Aravindakshan is now planning a homecoming of sorts. He and his 300 colleagues have proposed to take over KSDP and five other closed public sector companies in Kerala. All the 300 people are ex-employees of these PSU companies.
 
The mission is to set up one of the largest bio-pharma companies in India under the public-private partnership model at an investment of over Rs 600 crore.
 
Agastya Biopharma, which was set up two years ago, has formally requested the state industries department to hand over the defunct KSDP, Kerala State Salicylates and Chemicals at Thiruvananthapuram, Travancore Plywood Industries at Punalur, Kerala State Detergents and Chemicals at Malappuram, Chipcos sugar distillery at Palakkad and Kerala State Soaps and Oils at Kozhikode.
 
"Our project is envisaged as a public-private joint venture and the assets of these companies will be in the form of the state government's equity in the project.
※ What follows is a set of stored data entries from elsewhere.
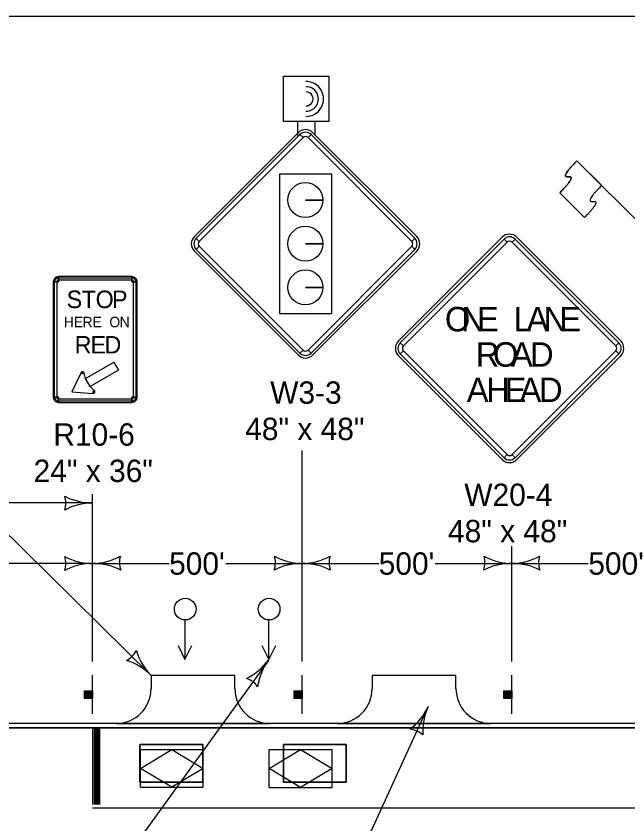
# Model space of a CAD drawing. Extents: x -2134934 to -2122394, y -2139046 to -2137036.
# Drawn here: x -2127867 to -2127429, y -2137614 to -2137036 of the extents above; entities that cross this region are included whole.
import ezdxf

# ---------------------------------------------------------------- set-up
doc = ezdxf.new("R2010")
doc.units = 0
for name, color, linetype in [('Barrier', 7, 'Continuous'), ('BridgeSuperStructureExisting', 7, 'Continuous'), ('Default', 7, 'Continuous'), ('DsnShtPlotIdentification', 7, 'Continuous'), ('DsnShtPlotShape', 7, 'Continuous'), ('dsnTextFinalPlan', 7, 'Continuous'), ('TC_Barrier', 7, 'Continuous')]:
    doc.layers.add(name, color=color, linetype=linetype)

msp = doc.modelspace()

# ---------------------------------------------------------------- linework, layer by layer
at = {"layer": 'Barrier'}
for p, q in [((-2127664.88, -2137119.33), (-2127739.13, -2137193.57)), ((-2127663.56, -2137120.65), (-2127661.35, -2137122.86)), ((-2127657.81, -2137122.86), (-2127655.6, -2137120.65)), ((-2127580.03, -2137193.57), (-2127654.28, -2137119.33)), ((-2127407.97, -2137196.68), (-2127465.31, -2137139.38)), ((-2127465.31, -2137139.38), (-2127447.62, -2137157.06)), ((-2127460, -2137180.05), (-2127477.68, -2137162.37)), ((-2127647.17, -2137167.55), (-2127659.67, -2137167.55)), ((-2127659.67, -2137167.55), (-2127647.17, -2137167.55)), ((-2127735.59, -2137197.11), (-2127737.8, -2137194.9)), ((-2127647.17, -2137198.8), (-2127659.67, -2137198.8)), ((-2127659.67, -2137198.8), (-2127647.17, -2137198.8)), ((-2127518.85, -2137194.14), (-2127593.09, -2137268.39)), ((-2127581.36, -2137194.9), (-2127583.56, -2137197.11)), ((-2127517.52, -2137195.47), (-2127515.31, -2137197.68)), ((-2127511.78, -2137197.68), (-2127509.57, -2137195.47)), ((-2127433.99, -2137268.39), (-2127508.24, -2137194.14)), ((-2127739.13, -2137204.18), (-2127664.88, -2137278.43)), ((-2127737.8, -2137202.85), (-2127735.59, -2137200.64)), ((-2127654.28, -2137278.43), (-2127580.03, -2137204.18)), ((-2127583.56, -2137200.64), (-2127581.36, -2137202.85)), ((-2127840.12, -2137226.09), (-2127836.37, -2137226.09)), ((-2127839.18, -2137226.09), (-2127837.62, -2137226.09)), ((-2127836.37, -2137226.09), (-2127836.37, -2137222.34)), ((-2127836.37, -2137224.84), (-2127836.37, -2137223.27)), ((-2127783.87, -2137222.34), (-2127783.87, -2137226.09)), ((-2127783.87, -2137223.27), (-2127783.87, -2137224.84)), ((-2127783.87, -2137226.09), (-2127780.12, -2137226.09)), ((-2127782.62, -2137226.09), (-2127781.06, -2137226.09)), ((-2127647.17, -2137230.05), (-2127659.67, -2137230.05)), ((-2127659.67, -2137230.05), (-2127647.17, -2137230.05)), ((-2127589.56, -2137271.93), (-2127591.77, -2137269.72)), ((-2127435.32, -2137269.72), (-2127437.53, -2137271.93)), ((-2127661.35, -2137274.89), (-2127663.56, -2137277.1)), ((-2127655.6, -2137277.1), (-2127657.81, -2137274.89)), ((-2127593.09, -2137279), (-2127518.85, -2137353.24)), ((-2127591.77, -2137277.67), (-2127589.56, -2137275.46)), ((-2127508.24, -2137353.24), (-2127433.99, -2137279)), ((-2127437.53, -2137275.46), (-2127435.32, -2137277.67)), ((-2127820.26, -2137291.07), (-2127819.15, -2137291.65)), ((-2127819.15, -2137291.65), (-2127817.93, -2137291.38)), ((-2127836.37, -2137308.59), (-2127840.12, -2137308.59)), ((-2127837.62, -2137308.59), (-2127839.18, -2137308.59)), ((-2127836.37, -2137312.34), (-2127836.37, -2137308.59)), ((-2127811.65, -2137304.64), (-2127811.7, -2137305.89)), ((-2127810.81, -2137303.72), (-2127811.65, -2137304.64)), ((-2127780.12, -2137308.59), (-2127783.87, -2137308.59)), ((-2127783.87, -2137308.59), (-2127783.87, -2137312.34)), ((-2127781.06, -2137308.59), (-2127782.62, -2137308.59)), ((-2127836.37, -2137311.4), (-2127836.37, -2137309.84)), ((-2127783.87, -2137309.84), (-2127783.87, -2137311.4)), ((-2127515.31, -2137349.71), (-2127517.52, -2137351.92)), ((-2127509.57, -2137351.92), (-2127511.78, -2137349.71))]:
    msp.add_line(p, q, dxfattribs=at)
for points in [[(-2127663.56, -2137120.65), (-2127737.8, -2137194.9), (-2127735.59, -2137197.11), (-2127661.35, -2137122.86), (-2127663.56, -2137120.65)], [(-2127581.36, -2137194.9), (-2127655.6, -2137120.65), (-2127657.81, -2137122.86), (-2127583.56, -2137197.11), (-2127581.36, -2137194.9)], [(-2127640.85, -2137148.93), (-2127678.31, -2137148.93), (-2127678.31, -2137248.82), (-2127640.85, -2137248.82), (-2127640.85, -2137148.93)], [(-2127517.52, -2137195.47), (-2127591.77, -2137269.72), (-2127589.56, -2137271.93), (-2127515.31, -2137197.68), (-2127517.52, -2137195.47)], [(-2127435.32, -2137269.72), (-2127509.57, -2137195.47), (-2127511.78, -2137197.68), (-2127437.53, -2137271.93), (-2127435.32, -2137269.72)], [(-2127737.8, -2137202.85), (-2127663.56, -2137277.1), (-2127661.35, -2137274.89), (-2127735.59, -2137200.64), (-2127737.8, -2137202.85)], [(-2127655.6, -2137277.1), (-2127581.36, -2137202.85), (-2127583.56, -2137200.64), (-2127657.81, -2137274.89), (-2127655.6, -2137277.1)], [(-2127836.37, -2137312.34), (-2127783.87, -2137312.34), (-2127783.87, -2137308.59), (-2127780.12, -2137308.59), (-2127780.12, -2137226.09), (-2127783.87, -2137226.09), (-2127783.87, -2137222.34), (-2127836.37, -2137222.34), (-2127836.37, -2137226.09), (-2127840.12, -2137226.09), (-2127840.12, -2137308.59), (-2127836.37, -2137308.59), (-2127836.37, -2137312.34)], [(-2127837.62, -2137226.09), (-2127837.62, -2137308.59), (-2127839.18, -2137308.59), (-2127839.18, -2137226.09), (-2127837.62, -2137226.09)], [(-2127783.87, -2137224.84), (-2127836.37, -2137224.84), (-2127836.37, -2137223.27), (-2127783.87, -2137223.27), (-2127783.87, -2137224.84)], [(-2127782.62, -2137308.59), (-2127782.62, -2137226.09), (-2127781.06, -2137226.09), (-2127781.06, -2137308.59), (-2127782.62, -2137308.59)], [(-2127591.77, -2137277.67), (-2127517.52, -2137351.92), (-2127515.31, -2137349.71), (-2127589.56, -2137275.46), (-2127591.77, -2137277.67)], [(-2127509.57, -2137351.92), (-2127435.32, -2137277.67), (-2127437.53, -2137275.46), (-2127511.78, -2137349.71), (-2127509.57, -2137351.92)], [(-2127796.75, -2137283.59), (-2127793.47, -2137289.27), (-2127813.77, -2137300.99), (-2127817.05, -2137295.31), (-2127796.75, -2137283.59)], [(-2127826.77, -2137304.71), (-2127811.7, -2137305.89), (-2127811.65, -2137304.64), (-2127810.81, -2137303.72), (-2127813.77, -2137300.99), (-2127817.05, -2137295.31), (-2127817.93, -2137291.38), (-2127819.15, -2137291.65), (-2127820.26, -2137291.07), (-2127826.77, -2137304.71)], [(-2127836.37, -2137309.84), (-2127783.87, -2137309.84), (-2127783.87, -2137311.4), (-2127836.37, -2137311.4), (-2127836.37, -2137309.84)]]:
    msp.add_lwpolyline(points, close=True, dxfattribs=at)
for centre in [(-2127659.67, -2137167.55), (-2127659.67, -2137198.8), (-2127659.67, -2137230.05)]:
    msp.add_circle(centre, 12.5, dxfattribs=at)
for centre, radius, start, end in [((-2127659.58, -2137124.63), 7.5, 44.99999, 134.99974), ((-2127659.58, -2137124.63), 5.62, 44.99999, 134.99974), ((-2127659.58, -2137124.63), 2.5, 44.99999, 134.99974), ((-2127513.54, -2137199.45), 7.5, 44.99999, 134.99974), ((-2127733.83, -2137198.88), 7.5, 134.99974, 224.99995), ((-2127733.83, -2137198.88), 5.62, 134.99974, 224.99995), ((-2127733.83, -2137198.88), 2.5, 134.99974, 224.99995), ((-2127585.33, -2137198.88), 2.5, 315.00016, 44.9998), ((-2127585.33, -2137198.88), 5.62, 315.00016, 44.9998), ((-2127585.33, -2137198.88), 7.5, 315.00016, 44.9998), ((-2127513.54, -2137199.45), 5.62, 44.99999, 134.99974), ((-2127513.54, -2137199.45), 2.5, 44.99999, 134.99974), ((-2127836.37, -2137226.09), 3.75, 90.00021, 179.99985), ((-2127836.37, -2137226.09), 2.81, 90.00021, 179.99985), ((-2127836.37, -2137226.09), 1.25, 90.00021, 179.99985), ((-2127783.87, -2137226.09), 3.75, 0, 90.00021), ((-2127783.87, -2137226.09), 2.81, 0, 90.00021), ((-2127783.87, -2137226.09), 1.25, 0, 90.00021), ((-2127587.79, -2137273.69), 7.5, 134.99974, 224.99995), ((-2127587.79, -2137273.69), 5.62, 134.99974, 224.99995), ((-2127587.79, -2137273.69), 2.5, 134.99974, 224.99995), ((-2127439.3, -2137273.69), 2.5, 315.00016, 44.9998), ((-2127439.3, -2137273.69), 5.62, 315.00016, 44.9998), ((-2127439.3, -2137273.69), 7.5, 315.00016, 44.9998), ((-2127659.58, -2137273.12), 7.5, 224.99995, 315.00016), ((-2127659.58, -2137273.12), 5.62, 224.99995, 315.00016), ((-2127659.58, -2137273.12), 2.5, 224.99995, 315.00016), ((-2127819.15, -2137291.65), 1.25, 12.62232, 152.27557), ((-2127836.37, -2137308.59), 3.75, 179.99985, 270.00006), ((-2127836.37, -2137308.59), 2.81, 179.99985, 270.00006), ((-2127836.37, -2137308.59), 1.25, 179.99985, 270.00006), ((-2127811.65, -2137304.64), 1.25, 267.72427, 47.37758), ((-2127783.87, -2137308.59), 3.75, 270.00006, 0.00027), ((-2127783.87, -2137308.59), 2.81, 270.00006, 0.00027), ((-2127783.87, -2137308.59), 1.25, 270.00006, 0.00027), ((-2127513.54, -2137347.94), 7.5, 224.99995, 315.00016), ((-2127513.54, -2137347.94), 5.62, 224.99995, 315.00016), ((-2127513.54, -2137347.94), 2.5, 224.99995, 315.00016)]:
    msp.add_arc(centre, radius, start, end, dxfattribs=at)
for points in [[(-2127477.68, -2137162.37), (-2127465.31, -2137149.99), (-2127477.68, -2137151.77), (-2127465.31, -2137139.38)], [(-2127447.62, -2137157.06), (-2127460, -2137169.44), (-2127447.63, -2137167.67), (-2127460, -2137180.05)]]:
    msp.add_open_spline(points, degree=2, dxfattribs=at)
at = {"layer": 'BridgeSuperStructureExisting'}
for p, q in [((-2127665.42, -2137111.41), (-2127665.42, -2137121.41)), ((-2127652.92, -2137111.41), (-2127652.92, -2137121.41)), ((-2127958.27, -2137322.38), (-2127770.13, -2137507.67)), ((-2127661.96, -2137497.66), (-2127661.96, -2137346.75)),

The state has to decide its equity in the venture. We are ready to pay the balance, depending on the state's equity and valuation of the assets of these companies," said D Aravindakshan.
 
KSDP was the only manufacturing unit in the world to produce vitamin A from lemon grass oil and was in the business of manufacturing drugs for government hospital supplies before it shut down due to the lack of business orders and funds.
 
Sources in the Kerala industries department said discussions were initiated by Industries Minister Ilamaram Karim in December last year. A final decision will take some time as the government is exploring several options.
 
Meanwhile, Agastya Biopharma, which is planning to manufacture about 250 drugs, including 40 biotech drugs, is in the process of setting up two greenfield units at Palakkad and at Mavelikkara in Alapuzha at an investment of about Rs 600 crore. Aravindakshan said the 300 shareholders of Agastya Biopharma had invested about Rs 27.25 crore, mainly from their voluntary retirement benefits. The Kerala State Industrial Development Corporation (KSIDC) has a commitment of 20 per cent equity for Rs 20 crore and the Plantation Corporation of Kerala and the State Farming Corporation have committed Rs 10 crore each for cultivating medicinal plants on 34,000 acres of land, with a buy-back arrangement.
 
Agastya has tied up with SBI Capital for funds worth Rs 200 crore for its first manufacturing plant. Talks are in advanced stages with the Industrial Development of Bank of India (IDBI) and ICICI Venture to mobilise about Rs 100 crore as term loans and strategic investments. Agastya Biopharma would be going in for an initial public offer by the end of this year or early next year, mainly to fund its second plant and for acquiring the sick government facilities, Aravindakshan said.